In fact, from briefly looking at the source code, it looks like ConcurrentHashMap falls back to using conventional locks if there is too much contention for a particular segment of the map. And if you have multiple threads trying to access AND update the same key simultaneously, that will trigger locking.
first remember that a thread safe tool doesn't guarantee thread safe usage of it in and of itself
the if(!map.contains(k))map.put(k,v); construct to putIfAbsent for example is not thread safe
and each value access/modification still has to be made thread safe independently
Reads are concurrent, even for the same key, so performance will be better for typical applications.
When using any of the java.util.concurrent classes, do I still need to synchronize access on the instance to avoid visibility issues between difference threads?
Elaborating the question a bit more
When using an instance of java.util.concurrent, is it possible that one thread modify the instance (i.e., put an element in a concurrent hashmap) and a subsequent thread won't be seeing the modification?
My question arises from the fact that The Java Memory Model allows threads to cache values instead of fetching them directly from memory if the access to the value is not synchronized.

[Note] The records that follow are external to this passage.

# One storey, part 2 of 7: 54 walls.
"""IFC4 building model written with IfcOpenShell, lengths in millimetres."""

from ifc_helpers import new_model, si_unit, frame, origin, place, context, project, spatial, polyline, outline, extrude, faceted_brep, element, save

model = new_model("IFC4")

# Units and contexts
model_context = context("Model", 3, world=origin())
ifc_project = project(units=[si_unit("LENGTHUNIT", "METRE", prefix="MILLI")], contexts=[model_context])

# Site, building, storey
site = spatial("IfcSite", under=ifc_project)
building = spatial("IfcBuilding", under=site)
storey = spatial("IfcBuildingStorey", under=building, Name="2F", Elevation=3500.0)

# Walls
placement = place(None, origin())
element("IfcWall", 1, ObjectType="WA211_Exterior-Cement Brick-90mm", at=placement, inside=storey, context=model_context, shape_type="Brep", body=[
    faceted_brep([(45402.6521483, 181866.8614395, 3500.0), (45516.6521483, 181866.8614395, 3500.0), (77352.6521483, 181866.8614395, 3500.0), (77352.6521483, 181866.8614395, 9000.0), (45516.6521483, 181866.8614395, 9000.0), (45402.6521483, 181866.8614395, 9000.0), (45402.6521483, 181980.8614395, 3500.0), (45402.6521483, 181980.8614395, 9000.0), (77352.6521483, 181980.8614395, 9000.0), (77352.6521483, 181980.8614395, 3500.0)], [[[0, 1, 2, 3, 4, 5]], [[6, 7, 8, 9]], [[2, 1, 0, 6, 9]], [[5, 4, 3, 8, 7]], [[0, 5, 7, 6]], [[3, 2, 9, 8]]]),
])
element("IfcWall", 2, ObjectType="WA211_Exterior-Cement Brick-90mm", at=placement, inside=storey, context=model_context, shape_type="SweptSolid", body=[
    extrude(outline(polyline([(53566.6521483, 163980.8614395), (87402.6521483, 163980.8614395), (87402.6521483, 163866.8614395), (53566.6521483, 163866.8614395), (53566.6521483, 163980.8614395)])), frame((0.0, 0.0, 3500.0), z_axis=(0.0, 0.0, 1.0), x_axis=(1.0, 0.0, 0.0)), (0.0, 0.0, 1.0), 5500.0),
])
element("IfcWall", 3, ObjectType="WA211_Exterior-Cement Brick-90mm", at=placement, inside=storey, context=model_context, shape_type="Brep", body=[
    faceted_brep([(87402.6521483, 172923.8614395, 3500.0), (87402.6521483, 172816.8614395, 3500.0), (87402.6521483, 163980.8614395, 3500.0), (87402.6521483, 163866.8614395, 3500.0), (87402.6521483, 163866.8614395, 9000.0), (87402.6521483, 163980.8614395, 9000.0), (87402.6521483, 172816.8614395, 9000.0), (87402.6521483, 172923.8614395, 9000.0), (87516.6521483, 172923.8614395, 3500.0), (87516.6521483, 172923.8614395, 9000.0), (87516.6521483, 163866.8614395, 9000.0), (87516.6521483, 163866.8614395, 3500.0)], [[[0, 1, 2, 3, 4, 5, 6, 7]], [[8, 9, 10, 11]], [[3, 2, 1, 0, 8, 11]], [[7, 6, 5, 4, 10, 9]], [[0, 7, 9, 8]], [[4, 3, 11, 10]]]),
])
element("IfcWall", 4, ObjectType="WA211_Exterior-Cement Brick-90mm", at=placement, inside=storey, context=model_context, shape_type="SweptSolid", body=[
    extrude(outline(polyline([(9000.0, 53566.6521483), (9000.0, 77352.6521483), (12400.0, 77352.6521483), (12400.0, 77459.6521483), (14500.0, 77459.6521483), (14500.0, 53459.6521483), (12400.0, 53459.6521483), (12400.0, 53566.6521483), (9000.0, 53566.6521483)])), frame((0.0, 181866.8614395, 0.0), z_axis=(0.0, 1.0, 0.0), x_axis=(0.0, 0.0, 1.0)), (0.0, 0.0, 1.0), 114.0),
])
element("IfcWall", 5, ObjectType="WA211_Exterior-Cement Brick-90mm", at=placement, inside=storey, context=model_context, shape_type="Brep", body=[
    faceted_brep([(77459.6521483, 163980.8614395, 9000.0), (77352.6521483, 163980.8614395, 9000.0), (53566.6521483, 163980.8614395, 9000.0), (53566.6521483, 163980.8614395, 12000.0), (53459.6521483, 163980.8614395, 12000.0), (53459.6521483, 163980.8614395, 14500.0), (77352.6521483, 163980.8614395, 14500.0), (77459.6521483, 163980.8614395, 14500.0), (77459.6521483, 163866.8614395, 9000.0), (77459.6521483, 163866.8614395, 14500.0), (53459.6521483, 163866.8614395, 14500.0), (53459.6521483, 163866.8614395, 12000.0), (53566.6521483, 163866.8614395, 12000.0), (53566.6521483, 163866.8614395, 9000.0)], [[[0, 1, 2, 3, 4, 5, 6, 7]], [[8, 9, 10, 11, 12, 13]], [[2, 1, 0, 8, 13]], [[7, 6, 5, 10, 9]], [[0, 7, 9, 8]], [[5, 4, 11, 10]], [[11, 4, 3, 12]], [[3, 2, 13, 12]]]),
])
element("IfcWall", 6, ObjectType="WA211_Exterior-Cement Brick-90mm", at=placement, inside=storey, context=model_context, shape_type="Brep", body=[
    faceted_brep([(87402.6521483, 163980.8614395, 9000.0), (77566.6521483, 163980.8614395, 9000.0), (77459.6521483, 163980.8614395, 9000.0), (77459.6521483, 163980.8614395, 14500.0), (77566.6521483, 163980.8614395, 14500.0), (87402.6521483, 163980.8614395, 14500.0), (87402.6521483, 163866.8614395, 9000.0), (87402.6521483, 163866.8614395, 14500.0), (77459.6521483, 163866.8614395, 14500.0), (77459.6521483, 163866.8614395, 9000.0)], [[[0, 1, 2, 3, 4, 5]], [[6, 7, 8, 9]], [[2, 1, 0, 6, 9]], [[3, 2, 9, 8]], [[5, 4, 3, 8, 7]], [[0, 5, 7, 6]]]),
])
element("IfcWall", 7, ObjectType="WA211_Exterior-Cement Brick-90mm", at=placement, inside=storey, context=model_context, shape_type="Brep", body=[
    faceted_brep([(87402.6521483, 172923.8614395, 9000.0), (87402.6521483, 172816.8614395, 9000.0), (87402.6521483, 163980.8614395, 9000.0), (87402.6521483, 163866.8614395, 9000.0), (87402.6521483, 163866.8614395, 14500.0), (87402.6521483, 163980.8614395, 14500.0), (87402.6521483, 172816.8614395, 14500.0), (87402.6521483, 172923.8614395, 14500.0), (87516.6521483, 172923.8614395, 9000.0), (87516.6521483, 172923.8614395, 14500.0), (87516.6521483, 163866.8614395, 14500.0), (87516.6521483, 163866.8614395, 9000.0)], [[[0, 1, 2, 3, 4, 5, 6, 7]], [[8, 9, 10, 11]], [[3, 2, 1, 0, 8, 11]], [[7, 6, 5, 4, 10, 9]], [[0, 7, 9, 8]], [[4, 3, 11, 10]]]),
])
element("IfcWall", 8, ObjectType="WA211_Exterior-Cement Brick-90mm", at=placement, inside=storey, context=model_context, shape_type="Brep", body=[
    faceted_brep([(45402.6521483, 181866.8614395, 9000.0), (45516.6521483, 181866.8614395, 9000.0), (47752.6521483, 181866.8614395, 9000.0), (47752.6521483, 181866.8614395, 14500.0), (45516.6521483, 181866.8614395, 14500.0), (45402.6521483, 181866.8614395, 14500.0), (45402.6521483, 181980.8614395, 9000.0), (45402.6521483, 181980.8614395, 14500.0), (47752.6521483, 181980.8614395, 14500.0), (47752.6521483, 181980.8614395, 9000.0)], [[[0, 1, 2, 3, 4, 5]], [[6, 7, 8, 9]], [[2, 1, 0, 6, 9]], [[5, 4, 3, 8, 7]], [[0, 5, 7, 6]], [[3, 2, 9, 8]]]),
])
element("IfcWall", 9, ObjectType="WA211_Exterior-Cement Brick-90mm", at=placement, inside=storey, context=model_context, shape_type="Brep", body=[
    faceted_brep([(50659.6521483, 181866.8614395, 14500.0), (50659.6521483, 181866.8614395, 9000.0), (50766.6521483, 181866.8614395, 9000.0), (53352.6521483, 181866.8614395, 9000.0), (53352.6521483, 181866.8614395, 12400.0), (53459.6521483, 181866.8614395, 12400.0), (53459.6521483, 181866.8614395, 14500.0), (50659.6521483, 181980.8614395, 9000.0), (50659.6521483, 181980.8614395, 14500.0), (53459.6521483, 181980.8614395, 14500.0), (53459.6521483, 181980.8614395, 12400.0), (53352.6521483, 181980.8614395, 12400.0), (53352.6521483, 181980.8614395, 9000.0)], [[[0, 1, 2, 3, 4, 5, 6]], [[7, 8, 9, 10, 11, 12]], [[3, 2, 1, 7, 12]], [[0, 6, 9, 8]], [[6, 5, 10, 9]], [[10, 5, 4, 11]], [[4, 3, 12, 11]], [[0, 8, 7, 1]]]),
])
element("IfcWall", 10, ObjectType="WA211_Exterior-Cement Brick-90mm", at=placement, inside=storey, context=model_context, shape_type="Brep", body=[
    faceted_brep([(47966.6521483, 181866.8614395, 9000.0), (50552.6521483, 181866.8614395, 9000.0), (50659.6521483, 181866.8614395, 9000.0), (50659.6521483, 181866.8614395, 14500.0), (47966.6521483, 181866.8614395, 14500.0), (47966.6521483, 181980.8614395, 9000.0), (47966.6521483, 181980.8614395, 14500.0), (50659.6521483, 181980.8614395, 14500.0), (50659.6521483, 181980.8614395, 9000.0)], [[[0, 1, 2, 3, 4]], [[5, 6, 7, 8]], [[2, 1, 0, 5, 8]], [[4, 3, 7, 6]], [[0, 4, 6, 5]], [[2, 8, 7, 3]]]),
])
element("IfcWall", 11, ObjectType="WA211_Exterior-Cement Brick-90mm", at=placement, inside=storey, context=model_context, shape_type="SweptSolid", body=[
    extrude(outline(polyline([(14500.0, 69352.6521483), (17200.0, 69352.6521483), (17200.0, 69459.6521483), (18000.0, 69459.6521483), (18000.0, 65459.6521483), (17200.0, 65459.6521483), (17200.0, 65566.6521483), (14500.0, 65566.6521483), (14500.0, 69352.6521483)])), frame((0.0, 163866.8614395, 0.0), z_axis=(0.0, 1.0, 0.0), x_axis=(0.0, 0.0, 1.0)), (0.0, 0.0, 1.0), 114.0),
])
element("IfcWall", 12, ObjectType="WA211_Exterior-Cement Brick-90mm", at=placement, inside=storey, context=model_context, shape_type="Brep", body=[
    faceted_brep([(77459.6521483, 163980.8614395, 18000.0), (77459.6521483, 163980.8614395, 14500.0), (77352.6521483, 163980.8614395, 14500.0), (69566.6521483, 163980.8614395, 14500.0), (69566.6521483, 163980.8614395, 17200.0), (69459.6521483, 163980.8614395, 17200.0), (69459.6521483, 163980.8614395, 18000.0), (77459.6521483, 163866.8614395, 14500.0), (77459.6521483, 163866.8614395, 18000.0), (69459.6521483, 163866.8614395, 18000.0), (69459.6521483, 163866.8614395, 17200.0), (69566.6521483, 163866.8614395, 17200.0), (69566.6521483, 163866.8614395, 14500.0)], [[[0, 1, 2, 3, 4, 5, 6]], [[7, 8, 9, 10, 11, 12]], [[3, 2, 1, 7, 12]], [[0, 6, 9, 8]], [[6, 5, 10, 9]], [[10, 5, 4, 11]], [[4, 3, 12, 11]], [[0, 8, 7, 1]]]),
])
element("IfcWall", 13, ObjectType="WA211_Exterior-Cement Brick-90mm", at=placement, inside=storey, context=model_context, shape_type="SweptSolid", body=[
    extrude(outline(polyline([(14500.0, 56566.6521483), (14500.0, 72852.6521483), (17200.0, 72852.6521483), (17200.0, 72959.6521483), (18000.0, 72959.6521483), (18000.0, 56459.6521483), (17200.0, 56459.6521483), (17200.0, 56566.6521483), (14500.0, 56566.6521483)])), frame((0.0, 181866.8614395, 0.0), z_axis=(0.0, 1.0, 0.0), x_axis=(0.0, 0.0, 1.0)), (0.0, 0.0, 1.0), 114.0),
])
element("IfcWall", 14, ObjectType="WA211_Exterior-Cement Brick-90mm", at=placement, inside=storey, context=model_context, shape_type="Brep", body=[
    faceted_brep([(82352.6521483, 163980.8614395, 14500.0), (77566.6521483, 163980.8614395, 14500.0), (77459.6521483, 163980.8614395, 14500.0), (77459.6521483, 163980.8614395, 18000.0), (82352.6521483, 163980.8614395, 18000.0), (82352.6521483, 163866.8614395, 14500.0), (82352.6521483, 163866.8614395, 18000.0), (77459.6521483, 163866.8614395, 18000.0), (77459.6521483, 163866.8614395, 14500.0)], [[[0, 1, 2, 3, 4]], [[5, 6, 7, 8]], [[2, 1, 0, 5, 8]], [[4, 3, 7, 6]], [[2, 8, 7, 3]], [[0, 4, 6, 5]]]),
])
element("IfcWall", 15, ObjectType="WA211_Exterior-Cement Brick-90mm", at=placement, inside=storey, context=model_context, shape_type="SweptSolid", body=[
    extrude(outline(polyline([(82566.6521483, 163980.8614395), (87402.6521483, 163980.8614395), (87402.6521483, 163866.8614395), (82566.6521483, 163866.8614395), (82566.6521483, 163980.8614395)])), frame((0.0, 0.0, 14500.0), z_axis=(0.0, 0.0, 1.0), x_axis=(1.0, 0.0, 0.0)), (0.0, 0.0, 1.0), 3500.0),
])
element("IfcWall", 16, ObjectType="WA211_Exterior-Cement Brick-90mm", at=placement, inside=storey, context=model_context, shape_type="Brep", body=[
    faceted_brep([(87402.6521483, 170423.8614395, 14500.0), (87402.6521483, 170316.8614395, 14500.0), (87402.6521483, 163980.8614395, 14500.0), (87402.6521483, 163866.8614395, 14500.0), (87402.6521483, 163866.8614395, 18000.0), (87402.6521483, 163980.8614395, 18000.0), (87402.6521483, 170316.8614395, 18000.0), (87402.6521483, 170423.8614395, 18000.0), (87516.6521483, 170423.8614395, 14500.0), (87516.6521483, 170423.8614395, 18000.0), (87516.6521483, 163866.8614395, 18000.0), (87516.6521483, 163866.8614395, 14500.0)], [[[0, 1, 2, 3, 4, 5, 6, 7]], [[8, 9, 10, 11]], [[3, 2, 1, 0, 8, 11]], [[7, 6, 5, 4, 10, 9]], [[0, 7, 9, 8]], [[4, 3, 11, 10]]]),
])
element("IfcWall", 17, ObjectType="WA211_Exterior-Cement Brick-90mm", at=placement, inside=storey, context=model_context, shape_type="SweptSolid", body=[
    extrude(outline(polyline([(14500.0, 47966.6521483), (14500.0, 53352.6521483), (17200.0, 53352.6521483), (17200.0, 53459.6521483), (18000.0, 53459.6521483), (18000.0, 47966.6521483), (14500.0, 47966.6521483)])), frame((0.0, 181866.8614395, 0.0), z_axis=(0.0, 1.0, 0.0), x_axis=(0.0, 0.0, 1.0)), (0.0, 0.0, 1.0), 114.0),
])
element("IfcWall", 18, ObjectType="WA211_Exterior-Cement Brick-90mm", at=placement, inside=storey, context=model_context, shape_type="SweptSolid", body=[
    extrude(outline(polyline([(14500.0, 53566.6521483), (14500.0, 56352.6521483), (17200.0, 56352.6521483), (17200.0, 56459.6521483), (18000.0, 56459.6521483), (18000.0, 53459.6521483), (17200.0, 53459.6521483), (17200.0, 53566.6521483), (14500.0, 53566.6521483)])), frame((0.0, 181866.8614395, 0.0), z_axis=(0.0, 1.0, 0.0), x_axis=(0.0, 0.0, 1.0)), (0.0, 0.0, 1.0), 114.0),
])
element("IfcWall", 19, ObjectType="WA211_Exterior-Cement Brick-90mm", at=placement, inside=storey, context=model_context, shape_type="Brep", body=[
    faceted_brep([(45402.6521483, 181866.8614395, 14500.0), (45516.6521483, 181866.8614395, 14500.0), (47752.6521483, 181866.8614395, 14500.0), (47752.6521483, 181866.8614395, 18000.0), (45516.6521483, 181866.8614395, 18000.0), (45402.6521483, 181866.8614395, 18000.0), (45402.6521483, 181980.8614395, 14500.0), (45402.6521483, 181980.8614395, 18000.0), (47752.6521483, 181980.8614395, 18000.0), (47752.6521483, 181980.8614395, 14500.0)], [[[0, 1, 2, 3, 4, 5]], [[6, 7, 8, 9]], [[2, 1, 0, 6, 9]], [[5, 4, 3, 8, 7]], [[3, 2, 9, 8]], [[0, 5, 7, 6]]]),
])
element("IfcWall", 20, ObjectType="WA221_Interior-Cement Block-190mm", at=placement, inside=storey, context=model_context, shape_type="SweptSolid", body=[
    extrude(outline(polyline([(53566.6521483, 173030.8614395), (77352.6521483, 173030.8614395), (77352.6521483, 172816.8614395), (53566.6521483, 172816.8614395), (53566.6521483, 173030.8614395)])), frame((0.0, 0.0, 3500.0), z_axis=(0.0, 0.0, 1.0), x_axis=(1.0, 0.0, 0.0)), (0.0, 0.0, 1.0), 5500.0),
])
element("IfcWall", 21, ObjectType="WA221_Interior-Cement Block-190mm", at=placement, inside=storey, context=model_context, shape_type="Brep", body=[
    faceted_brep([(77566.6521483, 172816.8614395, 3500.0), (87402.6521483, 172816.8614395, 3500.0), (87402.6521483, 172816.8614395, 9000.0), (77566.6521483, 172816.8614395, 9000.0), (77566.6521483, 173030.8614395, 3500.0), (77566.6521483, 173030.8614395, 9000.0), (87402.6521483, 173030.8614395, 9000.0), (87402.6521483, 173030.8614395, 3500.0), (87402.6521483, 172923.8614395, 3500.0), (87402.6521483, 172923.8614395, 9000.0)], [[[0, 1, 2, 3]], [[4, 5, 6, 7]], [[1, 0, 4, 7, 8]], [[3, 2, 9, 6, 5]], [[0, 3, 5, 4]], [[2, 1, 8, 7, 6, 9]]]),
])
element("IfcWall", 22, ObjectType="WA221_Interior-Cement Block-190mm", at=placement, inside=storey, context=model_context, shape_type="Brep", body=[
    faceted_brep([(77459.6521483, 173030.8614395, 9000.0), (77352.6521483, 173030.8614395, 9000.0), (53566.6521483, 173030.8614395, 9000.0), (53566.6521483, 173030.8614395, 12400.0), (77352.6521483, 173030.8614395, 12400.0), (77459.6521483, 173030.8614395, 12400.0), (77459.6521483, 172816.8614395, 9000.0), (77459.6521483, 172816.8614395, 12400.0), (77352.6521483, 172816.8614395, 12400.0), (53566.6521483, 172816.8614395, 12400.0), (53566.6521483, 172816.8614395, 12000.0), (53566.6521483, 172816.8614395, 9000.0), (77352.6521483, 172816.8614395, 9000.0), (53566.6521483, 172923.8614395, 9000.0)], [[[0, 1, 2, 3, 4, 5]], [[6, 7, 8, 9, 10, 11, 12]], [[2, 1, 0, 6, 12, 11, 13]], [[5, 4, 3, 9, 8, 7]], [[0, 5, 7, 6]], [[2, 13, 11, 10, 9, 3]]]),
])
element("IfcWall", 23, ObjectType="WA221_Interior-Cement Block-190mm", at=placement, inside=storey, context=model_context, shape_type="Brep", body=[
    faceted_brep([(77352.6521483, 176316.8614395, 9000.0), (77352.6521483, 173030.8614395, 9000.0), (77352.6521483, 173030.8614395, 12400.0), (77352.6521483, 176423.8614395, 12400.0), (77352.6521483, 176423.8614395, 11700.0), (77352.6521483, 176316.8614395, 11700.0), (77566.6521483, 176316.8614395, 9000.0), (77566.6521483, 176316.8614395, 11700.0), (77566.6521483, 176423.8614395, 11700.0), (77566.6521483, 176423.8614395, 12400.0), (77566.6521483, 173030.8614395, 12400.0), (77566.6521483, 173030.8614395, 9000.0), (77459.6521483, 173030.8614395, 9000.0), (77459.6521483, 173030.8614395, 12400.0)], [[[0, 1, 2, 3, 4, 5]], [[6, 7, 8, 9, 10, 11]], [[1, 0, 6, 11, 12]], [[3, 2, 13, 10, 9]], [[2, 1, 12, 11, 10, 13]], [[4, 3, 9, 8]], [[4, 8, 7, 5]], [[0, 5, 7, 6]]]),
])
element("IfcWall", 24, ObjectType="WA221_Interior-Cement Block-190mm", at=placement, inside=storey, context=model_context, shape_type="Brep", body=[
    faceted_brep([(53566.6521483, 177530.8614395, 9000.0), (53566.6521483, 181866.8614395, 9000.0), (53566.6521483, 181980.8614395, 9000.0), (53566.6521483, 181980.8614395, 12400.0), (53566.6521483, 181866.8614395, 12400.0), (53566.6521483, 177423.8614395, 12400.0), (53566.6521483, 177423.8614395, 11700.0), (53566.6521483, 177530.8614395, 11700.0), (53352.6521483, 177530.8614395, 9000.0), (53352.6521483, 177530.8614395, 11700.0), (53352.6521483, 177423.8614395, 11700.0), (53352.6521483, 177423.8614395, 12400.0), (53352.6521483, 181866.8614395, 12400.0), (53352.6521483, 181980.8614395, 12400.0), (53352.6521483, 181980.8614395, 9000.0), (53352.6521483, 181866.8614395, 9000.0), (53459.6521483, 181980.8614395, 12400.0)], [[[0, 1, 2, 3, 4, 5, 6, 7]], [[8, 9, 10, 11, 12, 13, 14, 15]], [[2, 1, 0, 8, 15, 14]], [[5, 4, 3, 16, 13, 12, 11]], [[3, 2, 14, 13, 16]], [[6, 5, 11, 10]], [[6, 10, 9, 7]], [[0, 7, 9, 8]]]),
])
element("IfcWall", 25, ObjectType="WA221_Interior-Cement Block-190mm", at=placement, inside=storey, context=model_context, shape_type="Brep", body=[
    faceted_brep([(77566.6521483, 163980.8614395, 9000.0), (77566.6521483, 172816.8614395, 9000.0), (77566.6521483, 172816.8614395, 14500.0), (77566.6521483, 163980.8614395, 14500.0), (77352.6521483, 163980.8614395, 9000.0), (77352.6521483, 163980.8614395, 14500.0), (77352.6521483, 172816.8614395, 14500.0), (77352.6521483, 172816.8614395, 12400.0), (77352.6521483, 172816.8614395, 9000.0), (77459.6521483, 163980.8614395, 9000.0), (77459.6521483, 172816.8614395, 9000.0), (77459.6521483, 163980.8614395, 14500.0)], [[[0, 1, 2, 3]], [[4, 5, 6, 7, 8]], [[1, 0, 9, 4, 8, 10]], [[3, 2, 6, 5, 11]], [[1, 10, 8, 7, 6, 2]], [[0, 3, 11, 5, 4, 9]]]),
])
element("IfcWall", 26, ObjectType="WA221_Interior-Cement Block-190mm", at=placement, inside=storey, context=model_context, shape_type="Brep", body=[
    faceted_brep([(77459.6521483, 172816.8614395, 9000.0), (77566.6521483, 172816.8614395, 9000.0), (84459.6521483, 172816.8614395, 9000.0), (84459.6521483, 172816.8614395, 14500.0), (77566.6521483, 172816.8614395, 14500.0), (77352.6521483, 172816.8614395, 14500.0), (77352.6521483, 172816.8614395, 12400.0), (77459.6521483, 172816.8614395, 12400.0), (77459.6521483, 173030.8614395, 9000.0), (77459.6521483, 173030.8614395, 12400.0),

On the java.util.concurrent package Memory Consistency Properties, you can check the Javadoc API for the package:
The methods of all classes in
java.util.concurrent and its
subpackages extend these guarantees to
higher-level synchronization. In
particular:
Actions in a thread prior to placing an object into any
concurrent collection
happen-before actions subsequent to the access or removal of that
element from the collection in
another thread.
[...]
Actions prior to "releasing" synchronizer methods such as
Lock.unlock, Semaphore.release, and
CountDownLatch.countDown
happen-before actions subsequent to a successful "acquiring" method
such as Lock.lock,
Semaphore.acquire, Condition.await,
and CountDownLatch.await on the
same synchronizer object in another
thread.
[...]
So, the classes in this package make sure of the concurrency, making use of a set of classes for thread control (Lock, Semaphore, etc.). This classes handle the happen-before logic programmatically, i.e. managing a FIFO stack of concurrent threads, locking and releasing current and subsequent threads (i.e. using Thread.wait() and Thread.resume(), etc.
Then, (theoretically) you don't need to synchronize your statements accessing this classes, because they are controlling concurrent threads access programmatically.
Because the ConcurrentHashMap (for example) is designed to be used from a concurrent context, you don't need to synchronise it further. In fact, doing so could undermine the optimisations it introduces.
For example, Collections.synchronizedMap(...) represents a way to make a map thread safe, as I understand it, it works essentially by wrapping all the calls within the synchronized keyword. Something like ConcurrentHashMap on the other hand creates synchronized "buckets" across the elements in the collection, causing finer grained concurrency control and therefore giving less lock contention under heavy usage. It may also not lock on reads for example. If you wrap this again with some synchronised access, you could undermine this. Obviously, you have to be careful that all access to the collection is syncrhronised etc which is another advantage of the newer library; you don't have to worry (as much!).
The java.lang.concurrent collections may implement their thread safety via syncrhonised. in which case the language specification guarantees visibility. They may implement things without using locks. I'm not as clear on this, but I assume it the same visibility would be in place here.
If you're seeing what looks like lost updates in your code, it may be that its just a race condition. Something like the ConcurrentHashpMap will give you the most recent value on a read and the write may not have yet been written. It's often a trade off between accuracy and performance.
The point is; java.util.concurrent stuff is meant to do this stuff so I'd be confident that it ensures visibility and use of volatile and/or addition syncrhonisation shouldn't be needed.